Images and data illustrating the improvement in targeting efficiency facilitated by the application of radiation force (RF) in an angiogenic rat tumor model. A and B are three-dimensional reconstructions of two-dimensional imaging planes acquired after freely flowing bubbles cleared from the system. A, RF not administered. B, RF pulses administered for 15 seconds after bolus injection of contrast. Scale bars are 1 cm. C, Plot comparing targeted signal between acquisitions with RF application and without. A mean signal increase of 13 dB was observed across all slices in response to RF. Adapted from Gessner R et al.82
Submicron Contrast Agents
A significant limitation of traditional MCAs is that their several-micron diameter range retains these agents to the vascular space. Several attempts have been made to overcome this limitation. Submicron (< 1 μm) microbubbles have been formulated with polymer shells. Although the extravasation potential of these agents has not been confirmed, Patel and colleagues demonstrated their acoustic activity,90,91 and Wisner and colleagues used these submicron agents for lymphographic ultrasound imaging.92 Gao demonstrated that stabilized liquid perfluorocarbon nanodroplets can be formulated with a diameter range small enough to extravasate but then can be vaporized into microgas bubbles by a combination of body temperature and ultrasound energy.93 Once vaporized, these vehicles are detectable with ultrasound similar to MCAs. Thus, it is likely that contrast agents can be prepared to exit the vascular space, particularly in regions of leaky tumor vasculature, which is not currently possible with MCAs.
Conclusion
Molecular imaging with ultrasound is an exciting field because it adds a new dimension of diagnostic capability to this already ubiquitous modality. It is certain that the future role of ultrasound in medicine will continue to increase owing to its safety and convenience. Already some manufacturers are producing diagnostic systems no larger than a cellular phone that are intended to be as widely available as stethoscopes. With advancing understanding in molecular changes involved in disease progression, molecular imaging will enable detection of pathology and observation of response to treatment before phenotypic changes occur.

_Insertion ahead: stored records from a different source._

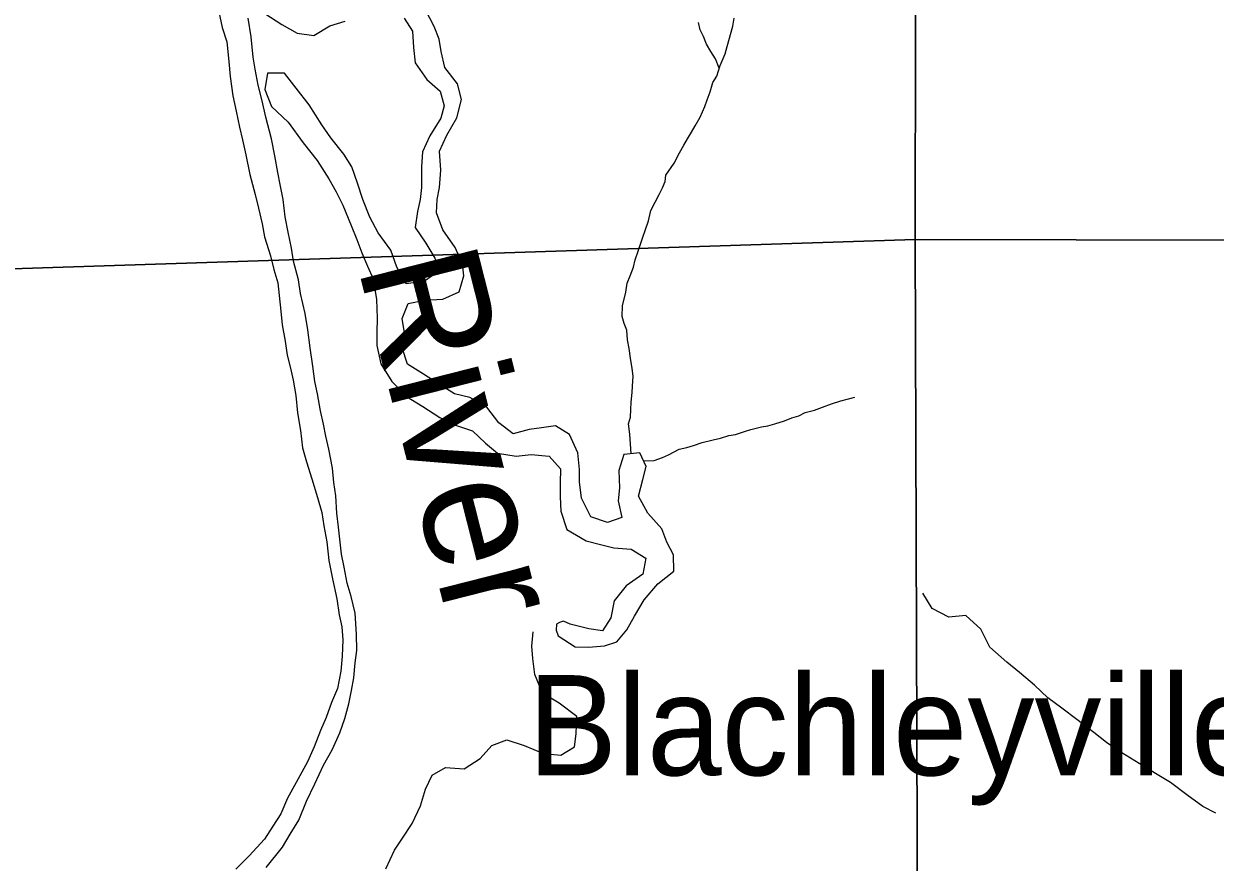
# Model space of a CAD drawing. Extents: x 1985906 to 2360102, y 891258 to 1222054.
# Drawn here: x 2078009 to 2082964, y 1006968 to 1010455 of the extents above; entities that cross this region are included whole.
import ezdxf

# ---------------------------------------------------------------- set-up
doc = ezdxf.new("R2010")
doc.units = 0
for name, color, linetype in [('GM_X_Major_River', 7, 'Continuous'), ('GM_X_Major_River_Text', 7, 'Continuous'), ('GM_X_Minor_River', 7, 'Continuous'), ('GM_X_Section', 7, 'Continuous'), ('GM_X_Unincorporated_Text', 7, 'Continuous')]:
    doc.layers.add(name, color=color, linetype=linetype)

msp = doc.modelspace()

# ---------------------------------------------------------------- linework, layer by layer
at = {"layer": 'GM_X_Major_River'}
for points in [[(2078820.2, 1010504.5), (2078834.5, 1010440.4), (2078852.7, 1010380.4), (2078861.1, 1010298.3), (2078867.3, 1010236.3), (2078877.7, 1010156.2), (2078892, 1010092.2), (2078906.2, 1010026.1), (2078918.5, 1009972.1), (2078932.7, 1009910.1), (2078949.1, 1009828), (2078971.4, 1009746), (2078985.7, 1009688), (2078999.9, 1009623.9), (2079010.2, 1009569.9), (2079034.5, 1009489.9), (2079048.7, 1009433.9), (2079065, 1009377.9), (2079071.2, 1009325.8), (2079077.5, 1009259.8), (2079083.7, 1009203.7), (2079096, 1009135.7), (2079104.2, 1009077.6), (2079118.5, 1009023.6), (2079128.7, 1008973.6), (2079140.9, 1008909.5), (2079147.2, 1008837.4), (2079159.5, 1008763.4), (2079167.9, 1008691.3), (2079184.1, 1008633.3), (2079206.4, 1008563.3), (2079230.7, 1008485.3), (2079249, 1008423.3), (2079257.2, 1008367.2), (2079269.5, 1008301.2), (2079277.8, 1008223.1), (2079292.2, 1008147.1), (2079310.5, 1008063), (2079320.8, 1007997), (2079331, 1007946.9), (2079335.2, 1007892.9), (2079333.5, 1007824.8), (2079327.8, 1007762.7), (2079314.1, 1007690.5), (2079288.3, 1007632.3), (2079266.6, 1007570.1), (2079242.8, 1007515.9), (2079217.1, 1007447.7), (2079189.3, 1007385.5), (2079141.7, 1007299.2), (2079105.9, 1007234.9), (2079078.2, 1007168.7), (2079044.4, 1007118.5), (2079010.6, 1007064.3), (2078946.9, 1006993.9), (2078891.1, 1006939.6)], [(2078999.8, 1010134.7), (2078983.5, 1010200.7), (2078971.2, 1010266.8), (2078963, 1010316.8), (2078954.7, 1010400.9), (2078942.4, 1010478.9)], [(2079017.1, 1006946.2), (2079084.8, 1007030.6), (2079116.5, 1007084.8), (2079152.3, 1007143), (2079184, 1007221.3), (2079219.7, 1007293.5), (2079255.4, 1007371.8), (2079291.1, 1007436), (2079322.8, 1007506.3), (2079344.6, 1007566.4), (2079360.3, 1007626.6), (2079372.1, 1007682.7), (2079381.9, 1007734.8), (2079387.6, 1007797), (2079393.4, 1007849.1), (2079393.1, 1007917.2), (2079386.8, 1008003.3), (2079370.5, 1008073.3), (2079354.2, 1008129.3), (2079342, 1008195.3), (2079329.7, 1008249.4), (2079317.3, 1008361.5), (2079311, 1008419.5), (2079306.7, 1008491.6), (2079298.5, 1008547.7), (2079292.2, 1008607.7), (2079277.9, 1008685.8), (2079265.7, 1008739.8), (2079255.5, 1008789.8), (2079243.2, 1008845.9), (2079230.9, 1008915.9), (2079218.7, 1008967.9), (2079210.4, 1009032), (2079200.1, 1009108.1), (2079189.8, 1009182.1), (2079179.5, 1009250.2), (2079159.2, 1009334.2), (2079150.9, 1009390.2), (2079130.6, 1009468.3), (2079122.4, 1009522.3), (2079108.1, 1009588.4), (2079095.8, 1009652.4), (2079087.5, 1009724.5), (2079075.3, 1009786.5), (2079065, 1009836.5), (2079052.8, 1009906.6), (2079038.5, 1009976.6), (2079016.1, 1010066.7), (2078999.8, 1010134.7)]]:
    msp.add_lwpolyline(points, dxfattribs=at)
at = {"layer": 'GM_X_Minor_River'}
for points in [[(2079011.4, 1010497.8), (2079081.6, 1010452.2), (2079145.8, 1010416.5), (2079215.8, 1010406.9), (2079281.6, 1010447.3), (2079345.5, 1010465.8)], [(2080231.5, 1007909.5), (2080301.8, 1007863.9), (2080357.8, 1007862.2), (2080423.7, 1007868.6), (2080475.6, 1007884.9), (2080517.4, 1007935.2), (2080549, 1007991.5), (2080588.7, 1008059.8), (2080646.3, 1008126.2), (2080712, 1008178.7), (2080711.6, 1008246.8), (2080683.3, 1008298.7), (2080663, 1008354.6), (2080604.7, 1008420.4), (2080566.3, 1008490.2), (2080583.9, 1008560.4), (2080597.6, 1008614.6), (2080571.3, 1008670.5), (2080505.3, 1008664.1), (2080483.7, 1008597.9), (2080486.1, 1008525.8), (2080480.4, 1008471.7), (2080496.8, 1008401.7), (2080436.9, 1008381.3), (2080366.8, 1008405), (2080328.4, 1008482.8), (2080320, 1008550.9), (2080319.7, 1008600.9), (2080313.3, 1008671), (2080278.9, 1008746.9), (2080220.7, 1008782.6), (2080162.8, 1008774.3), (2080110.8, 1008767.9), (2080044.9, 1008749.5), (2079984.7, 1008795.2), (2079934.3, 1008861), (2079864.1, 1008900.7), (2079800, 1008916.3), (2079733.8, 1008958), (2079671.6, 1008997.7), (2079605.4, 1009039.3), (2079583, 1009107.3), (2079592.6, 1009169.4), (2079582.3, 1009229.5), (2079608, 1009291.7), (2079675.9, 1009306.1), (2079751.8, 1009310.6), (2079819.7, 1009341), (2079839.3, 1009407.2), (2079833, 1009457.2), (2079802.7, 1009525.2), (2079752.3, 1009599), (2079725.9, 1009668.9), (2079727.6, 1009725), (2079737.3, 1009775.1), (2079742.9, 1009847.2), (2079738.5, 1009925.3), (2079768.1, 1009991.6), (2079809.7, 1010063.9), (2079829.3, 1010140.1), (2079812.9, 1010206.1), (2079760.5, 1010273.9), (2079744.2, 1010339.9), (2079735.9, 1010391.9), (2079715.6, 1010443.9), (2079679.2, 1010513.8)], [(2079591.4, 1010479.2), (2079625.7, 1010425.3), (2079630.1, 1010357.3), (2079636.4, 1010293.2), (2079684.8, 1010223.4), (2079741.1, 1010175.7), (2079757.4, 1010113.7), (2079743.7, 1010063.5), (2079698.1, 1009989.2), (2079666.5, 1009922.9), (2079662.8, 1009860.8), (2079663.3, 1009774.7), (2079657.6, 1009724.6), (2079645.9, 1009674.4)], [(2080535.3, 1008667), (2080530.1, 1008748.8), (2080523.5, 1008791.7), (2080531.8, 1008819.1), (2080533.6, 1008851.2), (2080535.4, 1008881.4), (2080539.2, 1008921.5), (2080541.1, 1008947.6), (2080542.9, 1008989.8), (2080538.7, 1009021.9), (2080532.5, 1009064), (2080526.3, 1009104.2), (2080520.1, 1009140.3), (2080517.8, 1009180.4), (2080505.7, 1009208.4), (2080497.5, 1009238.5), (2080499.3, 1009282.7), (2080513, 1009339), (2080518.8, 1009377.1), (2080530.7, 1009407.3), (2080544.5, 1009443.5), (2080552.4, 1009473.7), (2080564.2, 1009509.8), (2080583.9, 1009568.2), (2080593.8, 1009596.3), (2080607.6, 1009636.5), (2080617.4, 1009678.7), (2080635.3, 1009712.9), (2080651.1, 1009745.1), (2080665, 1009773.3), (2080676.9, 1009799.4), (2080678.7, 1009825.6), (2080714.6, 1009875.9), (2080736.4, 1009918.2), (2080754.2, 1009950.4), (2080770.1, 1009976.5), (2080786, 1010004.7), (2080801.9, 1010030.9), (2080821.8, 1010067.1), (2080841.6, 1010111.4), (2080851.4, 1010139.5), (2080863.3, 1010171.7), (2080875.1, 1010211.9), (2080891, 1010238.1), (2080904.8, 1010282.3), (2080926.6, 1010330.6), (2080934.4, 1010360.7), (2080958, 1010445.2), (2080963.9, 1010479.3)], [(2080901.2, 1010270.8), (2080886.6, 1010310.3), (2080866.4, 1010340.3), (2080848.2, 1010370.4), (2080836, 1010402.4), (2080821.8, 1010430.5), (2080815.7, 1010460.6)], [(2079645.9, 1009674.4), (2079636.2, 1009608.3), (2079680.6, 1009542.5), (2079718.9, 1009480.6), (2079739.2, 1009428.7), (2079675.4, 1009384.2), (2079599.5, 1009373.8), (2079561.1, 1009443.6), (2079534.8, 1009513.6), (2079482.4, 1009585.4), (2079448, 1009651.2), (2079419.6, 1009725.2), (2079397.2, 1009793.1), (2079372.9, 1009861.1), (2079340.6, 1009913), (2079286.2, 1009980.7), (2079247.9, 1010034.6), (2079195.4, 1010118.4), (2079141.1, 1010188.2), (2079092.7, 1010250), (2079022.7, 1010249.6), (2079011.1, 1010181.4), (2079039.5, 1010111.5), (2079107.9, 1010045.8), (2079170.3, 1009960), (2079228.7, 1009886.3), (2079277.1, 1009810.5), (2079307.4, 1009756.6), (2079335.7, 1009700.7), (2079370.2, 1009616.7), (2079394.5, 1009558.8), (2079414.8, 1009502.8), (2079439.1, 1009446.9), (2079461.4, 1009395), (2079475.9, 1009308.9), (2079478.3, 1009230.9), (2079476.7, 1009170.8), (2079477, 1009116.7), (2079493.4, 1009040.7), (2079539.8, 1008966.9), (2079600.1, 1008905.1), (2079668.3, 1008863.5), (2079738.6, 1008817.8), (2079804.7, 1008786.2), (2079874.9, 1008762.6), (2079929.1, 1008710.8), (2079979.4, 1008669), (2080057.4, 1008657.5), (2080119.4, 1008663.9), (2080193.4, 1008656.3), (2080241.7, 1008604.5), (2080240, 1008544.4), (2080240.3, 1008488.3), (2080242.7, 1008428.3), (2080267.1, 1008352.3), (2080347.3, 1008304.7), (2080407.4, 1008289), (2080463.5, 1008275.4), (2080535.5, 1008269.8), (2080595.7, 1008232.1), (2080584.1, 1008165.9), (2080514.4, 1008117.4), (2080464.7, 1008055.1), (2080451.1, 1007984.9), (2080415.4, 1007930.6), (2080359.4, 1007938.3), (2080281.3, 1007957.9)], [(2080586.7, 1008637.8), (2080630.9, 1008638.9), (2080664.9, 1008651.1), (2080690.9, 1008663.2), (2080734.9, 1008685.5), (2080766.9, 1008693.7), (2080794.9, 1008701.9), (2080830.9, 1008714.1), (2080876.9, 1008724.3), (2080906.9, 1008732.5), (2080940.9, 1008742.7), (2080969, 1008746.8), (2081007, 1008759.1), (2081033, 1008767.2), (2081077, 1008779.5), (2081103, 1008783.6), (2081133.1, 1008791.8), (2081173.1, 1008804), (2081203.1, 1008816.2), (2081233.1, 1008824.3), (2081259, 1008838.5), (2081297.1, 1008848.7), (2081331.1, 1008860.9), (2081369.1, 1008875.2), (2081407.1, 1008887.4), (2081439.1, 1008895.5), (2081465.1, 1008901.7)], [(2081989.2, 1007937.8), (2081926.9, 1007993.6), (2081856.9, 1007987.1), (2081786.7, 1008022.8), (2081748.4, 1008086.6)], [(2080281.3, 1007957.9), (2080253.1, 1007971.2), (2080236.4, 1007965.7), (2080224, 1007958.7), (2080222.6, 1007933.8), (2080231.5, 1007909.5)], [(2079515, 1006940), (2079550.6, 1007018.3), (2079584.3, 1007068.6), (2079623.9, 1007128.9), (2079659.5, 1007203.2), (2079679.1, 1007271.4), (2079706.8, 1007329.7), (2079762.6, 1007362), (2079840.6, 1007356.5), (2079906.4, 1007398.9), (2079956.1, 1007453.3), (2080018, 1007477.7), (2080090.1, 1007454.1), (2080170.3, 1007420.5), (2080242.3, 1007412.9), (2080300.1, 1007447.3), (2080305.8, 1007501.4), (2080309.4, 1007573.5), (2080235.1, 1007629.2), (2080166.9, 1007670.8), (2080134.4, 1007748.7), (2080126.1, 1007814.8), (2080121.8, 1007866.8), (2080127.5, 1007926.9)], [(2082967.3, 1007172.6), (2082913.1, 1007200.3), (2082846.9, 1007247.9), (2082778.6, 1007299.6), (2082722.4, 1007333.3), (2082648.2, 1007379), (2082575.9, 1007422.6), (2082511.7, 1007466.3), (2082459.5, 1007508), (2082389.2, 1007561.7), (2082326.9, 1007609.4), (2082268.7, 1007651.1), (2082212.4, 1007704.8), (2082150.1, 1007756.5), (2082097.9, 1007800.3), (2082027.6, 1007862), (2081989.2, 1007937.8)]]:
    msp.add_lwpolyline(points, dxfattribs=at)
at = {"layer": 'GM_X_Section'}
for points in [[(2077100, 1014883), (2081724.6, 1014883.5), (2081716.5, 1009558.5), (2077146.7, 1009410.2), (2077101, 1014668.9)], [(2081724.6, 1014883.5), (2087111.5, 1014901.6), (2087071.5, 1009546.5), (2081716.5, 1009558.5)], [(2081716.5, 1009558.5), (2081734.6, 1004191.7), (2077214.3, 1004147.7), (2077149.1, 1009328.2), (2077146.7, 1009410.2)], [(2087071.5, 1009546.5), (2087061.4, 1004217.5), (2081734.6, 1004191.7), (2081716.5, 1009558.5)]]:
    msp.add_lwpolyline(points, close=True, dxfattribs=at)

# ---------------------------------------------------------------- texts
at = {"layer": 'GM_X_Major_River_Text'}
msp.add_text('River', height=500.16, rotation=284.2628, dxfattribs=at).set_placement((2079396.6, 1009447.5))
at = {"layer": 'GM_X_Unincorporated_Text'}
msp.add_text('Blachleyville', height=417, rotation=0, dxfattribs=at).set_placement((2080105, 1007329.5))

doc.saveas('drawing.dxf')

As illustrated in this review, technology already exists to increase the sensitivity of ultrasound to contrast agents severalfold through tailoring contrast agent size distribution. Improving the monodispersity of the contrast agent population will remove a substantial variable limiting the ability to perform quantifiable contrast measurements. Modifying shell structure and ligand architecture can provide targeted contrast agents with better retention characteristics and reduced immunogenicity. Transducers and signal processing are being developed to detect targeted contrast agents nondestructively, with high contrast to tissue ratios, and in real time despite background signal from freely circulating contrast. The application of radiation force has been shown to increase the amount of targeted contrast agents retained at a target site in vivo, which is important not only for molecular imaging but also for targeted drug delivery through acoustically active carrier vehicles. Finally, the development of phase change and submicron contrast agents will enable ultrasound contrast to reach beyond the limits of the endothelium.
Footnotes
Acknowledgments
We appreciate the assistance of Dr. Joshua Rychak in editing the scientific content and the assistance of Steven Feingold, Jason Streeter, and Paul Kogan in preparing figures and references.
Financial disclosure of authors: This Dayton lab is supported by the National Institutes of Health through R01 EB009066, R01 EB008733, and the NIH Roadmap for Medical Research through R21EB005325. Intramural support is provided from the University of North Carolina Lineberger Cancer Center. P. A. Dayton has ongoing research with Siemens Medical Systems, Visualsonics, and Lantheus Medical Imaging, none of which involves financial sponsorship, and is a member of the Scientific Advisory Board for Targeson, LLC.
Financial disclosure of reviewers: None reported.